UW-Madison Hilldale Award in Biological Sciences, 2013

Four Hilldale Awards are presented annually by the University of Wisconsin-Madison in each of the university’s four divisions--biological sciences, physical sciences, social studies, and arts and humanities--in recognition of outstanding contributions to teaching, research and service

David Wassarman

Vilas Associate, The Graduate School, University of Wisconsin-Madison, 2012-2014

Presidential Early Career Award for Scientists and Engineers, 1997-2002

Highest honor bestowed by the United States government for scientists and engineers in the early stages of their independent research careers

Helen Hay Whitney Postdoctoral Fellowship, 1993-1996


Barry Ganetzky and David Wassarman:

U.S. Patent Appl.
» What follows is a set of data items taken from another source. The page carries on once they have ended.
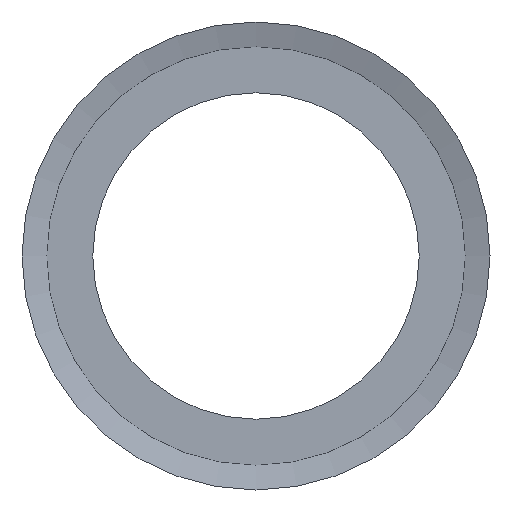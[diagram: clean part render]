
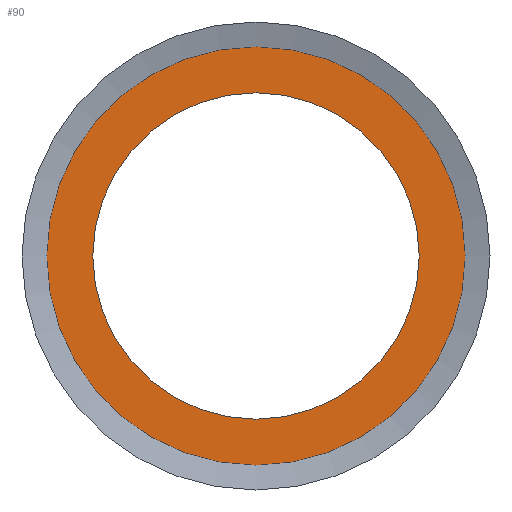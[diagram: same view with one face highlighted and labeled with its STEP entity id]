
A CAD part, left-side view. The second image highlights one B-rep face of the part: STEP entity #90.
In plain terms, the highlighted planar face has unit normal (-1, 0, 0).
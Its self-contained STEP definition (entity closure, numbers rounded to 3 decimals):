
#15=FACE_BOUND('',#31,.T.);
#17=PLANE('',#123);
#24=FACE_OUTER_BOUND('',#30,.T.);
#30=EDGE_LOOP('',(#77));
#31=EDGE_LOOP('',(#78));
#46=CIRCLE('',#122,17.);
#47=CIRCLE('',#124,13.25);
#52=VERTEX_POINT('',#170);
#53=VERTEX_POINT('',#174);
#61=EDGE_CURVE('',#52,#52,#46,.T.);
#62=EDGE_CURVE('',#53,#53,#47,.T.);
#77=ORIENTED_EDGE('',*,*,#61,.T.);
#78=ORIENTED_EDGE('',*,*,#62,.F.);
#90=ADVANCED_FACE('',(#24,#15),#17,.T.);
#122=AXIS2_PLACEMENT_3D('',#172,#145,#146);
#123=AXIS2_PLACEMENT_3D('',#173,#147,#148);
#124=AXIS2_PLACEMENT_3D('',#175,#149,#150);
#145=DIRECTION('center_axis',(-1.,0.,0.));
#146=DIRECTION('ref_axis',(0.,0.,1.));
#147=DIRECTION('center_axis',(-1.,0.,0.));
#148=DIRECTION('ref_axis',(0.,0.,1.));
#149=DIRECTION('center_axis',(-1.,0.,0.));
#150=DIRECTION('ref_axis',(0.,0.,1.));
#170=CARTESIAN_POINT('',(-0.5,-17.,0.));
#172=CARTESIAN_POINT('Origin',(-0.5,0.,
0.));
#173=CARTESIAN_POINT('Origin',(-0.5,13.25,0.));
#174=CARTESIAN_POINT('',(-0.5,-13.25,0.));
#175=CARTESIAN_POINT('Origin',(-0.5,0.,
0.));

No. 20140377183: "Methods, systems, and devices for an invertebrate model of traumatic brain injury."

Ganetzky, B. and D. A. Wassarman. Filed: June 25, 2014. Issued: December 25, 2014.

Barry Ganetzky:

U. S. Patent No. 7,060,249B2: "Neurodegeneration mutants, method for identifying same and method of screening for neuroprotective agents."

Ganetzky, B. and M. J. Palladino 2006. (pending)

U.S. Patent Appl. No. 20140283149: "In vivo cellular screening methods and compositions for modeling and treating nervous system dysfunction."

Ganetzky, B., Miller, D. and S. Ballard. Filed: March 14, 2014. Issued: September 18, 2014.